THE BOOKSELLER OF KABUL by Asne Seierstad is a book written by a Norwegian journalist who was allowed to live with a family in Afghanistan for some months and given permission to write about the lives of the family members. As a woman, she was allowed to see a side of life in that very war torn country that not many get a glimpse of - that of the daily lives of Afghani women. She both accompanied the patriarch on business trips and the women to the markets (dressed in a burka). The result is a fascinating look at a family which has one foot in the modern world - the patriarch values books more than anything in the world and kept books available in Kabul, despite both the Communists and Taliban burning his stock. But at the same time, it is a very traditional family, where the women are held in little value, and where father's word is law. The plight of the women is heartbreaking.

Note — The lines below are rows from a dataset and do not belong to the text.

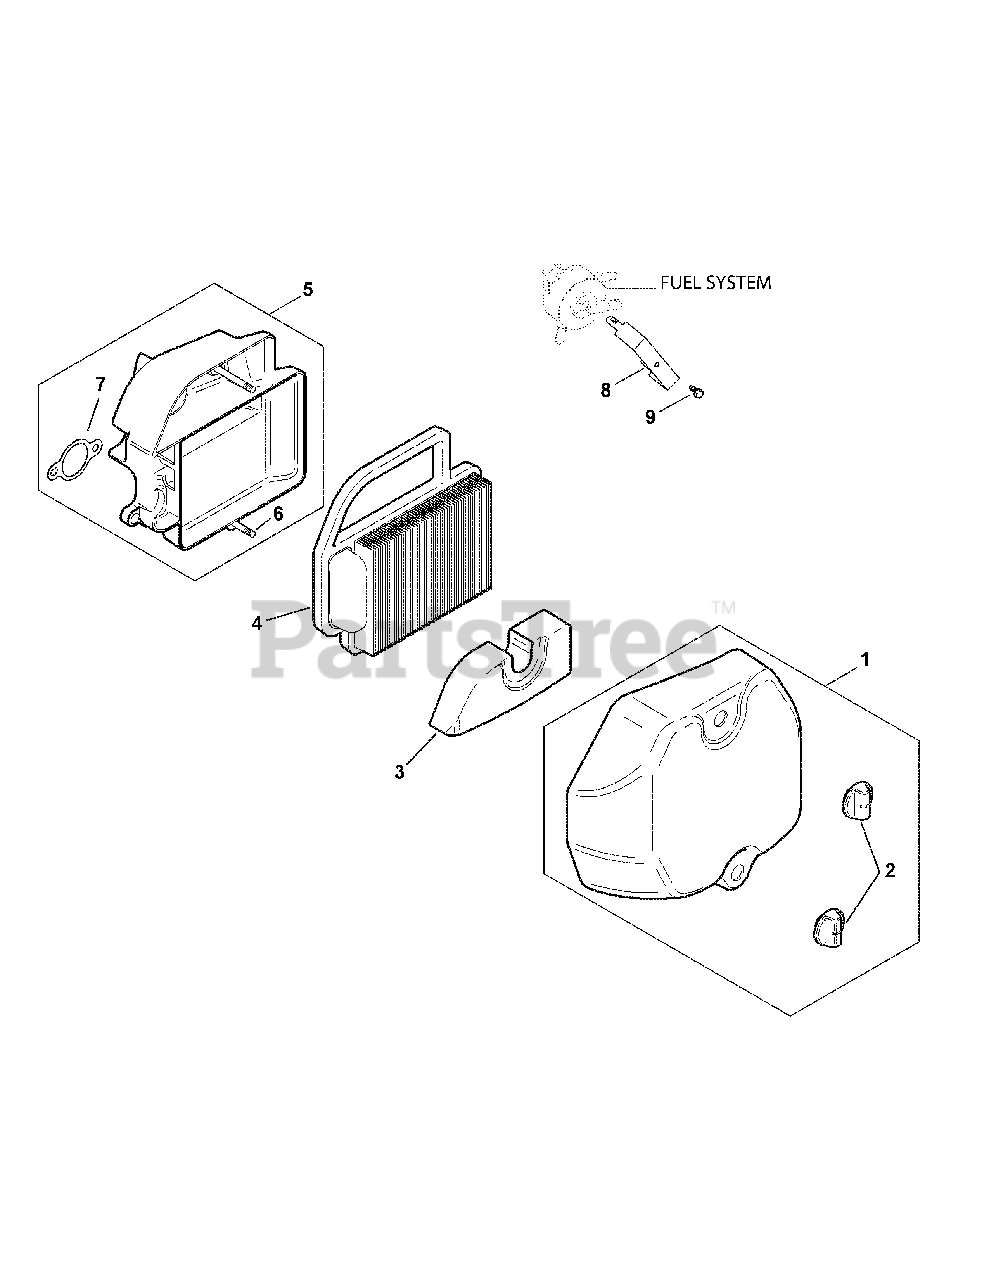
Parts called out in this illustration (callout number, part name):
1	Air Cleaner Cover Kit
3	Pre-Cleaner Element (Dry)
4	Air Cleaner Element
5	Air Cleaner Base Kit
6	Air Cleaner Base Stud
7	Air Cleaner Base Gasket
8	Fuse Block
9	Fuse Block

BY SLANDROUS TONGUES by Mercedes Lackey and Roberta Gellis is the third book in a fantasy series which began with This Scepter'd Isle and Ill Met by Moonlight. The elves of Britain have seen various futures following the death of Henry VIII - most of them involving a time of absolute misery under his daughter Mary and a time of great joy under his daughter Elizabeth. The dark elves, who feed from hatred and pain and fear, cannot wait for Mary to rule, and want to stop Elizabeth from ever ruling. The bright elves, who feed from love and joy, wish to protect Elizabeth. Henry VIII has passed away now, and his young son is on the throne. The visions of Mary and Elizabeth remain, as well as a new vision - a flickering view of a sad and tragic young girl briefly taking the throne. The dark Court, forbidden by King Oberon to harm Elizabeth directly, decide to take a new path - killing her Bright Court protectors, and destroying her with gossip and slander in the human world. But her protectors might not be so easy to slay - and Elizabeth does not prove to be easy prey for the enspelled ladies' man (and her stepfather) - Thomas Seymour.

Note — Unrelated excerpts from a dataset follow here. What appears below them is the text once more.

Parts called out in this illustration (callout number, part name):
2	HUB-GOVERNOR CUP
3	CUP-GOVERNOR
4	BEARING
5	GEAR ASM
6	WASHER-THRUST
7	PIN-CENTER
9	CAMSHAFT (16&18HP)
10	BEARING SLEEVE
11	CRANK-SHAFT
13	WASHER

THE AMERICAN PLAGUE by Molly Caldwell Crosby tells of Yellow Fever, and how it has formed American history. The first section of the book tells of a great epidemic in the Mississippi Valley in 1878 which made some 200,000 people sick and killed so many people in Memphis alone that only that city's death toll was greater than that of the San Francisco Earthquake, the Chicago Fire, and the Johnstown Flood combined. The slow Federal response infuriated many, and caused confidence in the government and its ability to handle a crisis to plunge. The epidemic was the Katrina of its day - a natural horror compounded by bungling and slow bureaucracy. The second section of the book tells of Walter Reed and the brave medical crew he led in their efforts to find the source of transmission of the dreaded disease, which is thought to have killed some 500,000 Americans alone from the time the  slave ships brought it from Africa to the year 1900. Interesting, though very grim, stuff.

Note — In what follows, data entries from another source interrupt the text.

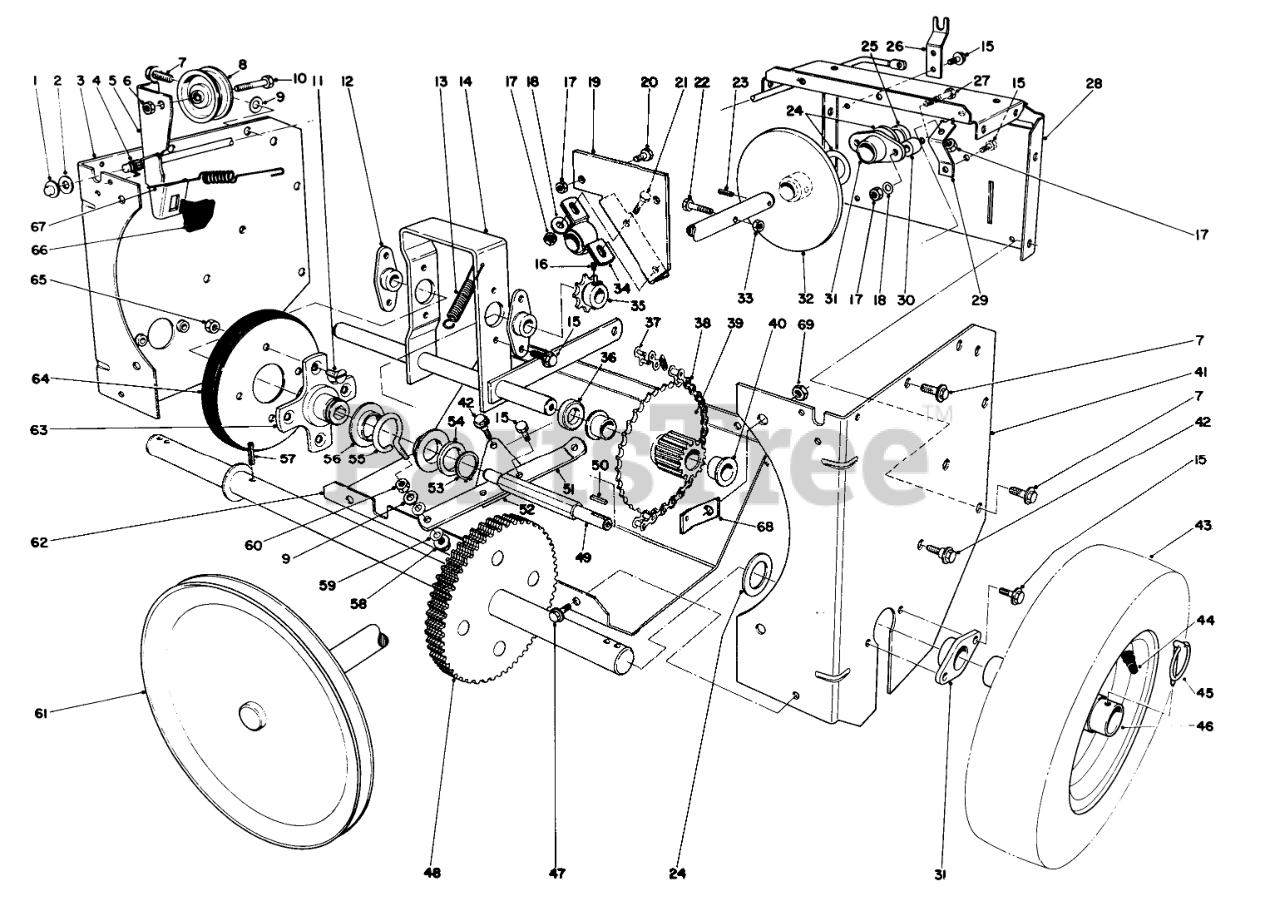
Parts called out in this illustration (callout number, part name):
1	PUSH NUT
2	WASHER-FLAT
3	RH TRACT SIDE PLT R
4	TORSION CLUTCH SPRING
5	Rod-Clutch (Incl. Ref. #66)
6	NUT-LOCK, NI
7	SCREW-HHFTF
8	PULLEY-IDLER
9	WASHER-FLAT
10	SCREW-HH
11	5/16-18X5/8 FLT HD MS
12	BEARING-WHEEL, FRICTION
13	TENSION SPRING
14	PIVOT SHAFT WA B
15	SCREW-HWHTF
16	SCREW-HSH
17	NUT-LOCK, NI
18	WASHER-PLAIN
19	SHAFT SUPT BRKT B
20	SCREW-HH
21	SCREW-HH
22	SCREW-HH
23	PIN-ROLL, SLOTTED
24	WASHER
25	DRIVE SHAFT SPACER
26	CLUTCH ROD SUPPORT
27	SCREW-HH
28	CENTER FRAME R
29	PIVOT BRACKET
30	BRG STANDOFF
31	AXLE BEARING
32	FRICTION PLT WA
33	NUT-HEX
34	PILLOW BLOCK BRG
35	SPROCKET
36	COSHAFT SPACER
37	LINK-CONNECTING
38	ROLLER-CHAIN
39	Gear & Bushing Assembly (Incl. Ref. #40)
40	BUSHING
41	LH TRACT SIDE PLT R
42	SHOULDER SCREW
44	TUBE-INNER
45	PIN-LYNCH
46	WHEEL
47	SCREW-HWH
48	AXLE & GEAR WA
49	FRICTION WHL SHAFT
51	SHIFT LINKAGE
52	PIVOT PLATE
53	RING-RETAINING
54	WASHER-THRUST
55	SLIDER RING COLLAR
56	SLIDER RING
57	PIN-ROLL, SLOTTED
58	NUT-LOCK, FLANGE
59	WASHER-SPRING
60	NUT-LOCK
61	PULLEY/SHFT WA
62	LOWER SHIELD R
63	TRACTION DISC HUB
64	FRICTION WHEEL
65	NUT-LOCK, NI
66	PAD-BRAKE
67	SPRING
68	FRONT SPRING ARM ASM
69	NUT-LOCK, SIDE
70	SPRING

HORSE OF A DIFFERENT COLOR by Jim Squires is the story of Kentucky Derby winner Monarchos, by the man who bred him. Race horse breeding is both fascinating - in that even a very small farm like Two Bucks can breed a champion - and heart breaking with events like the death of a long awaited and prized foal or in the forced sale of a cherished horse in order to keep the rest of the horses in feed for another year.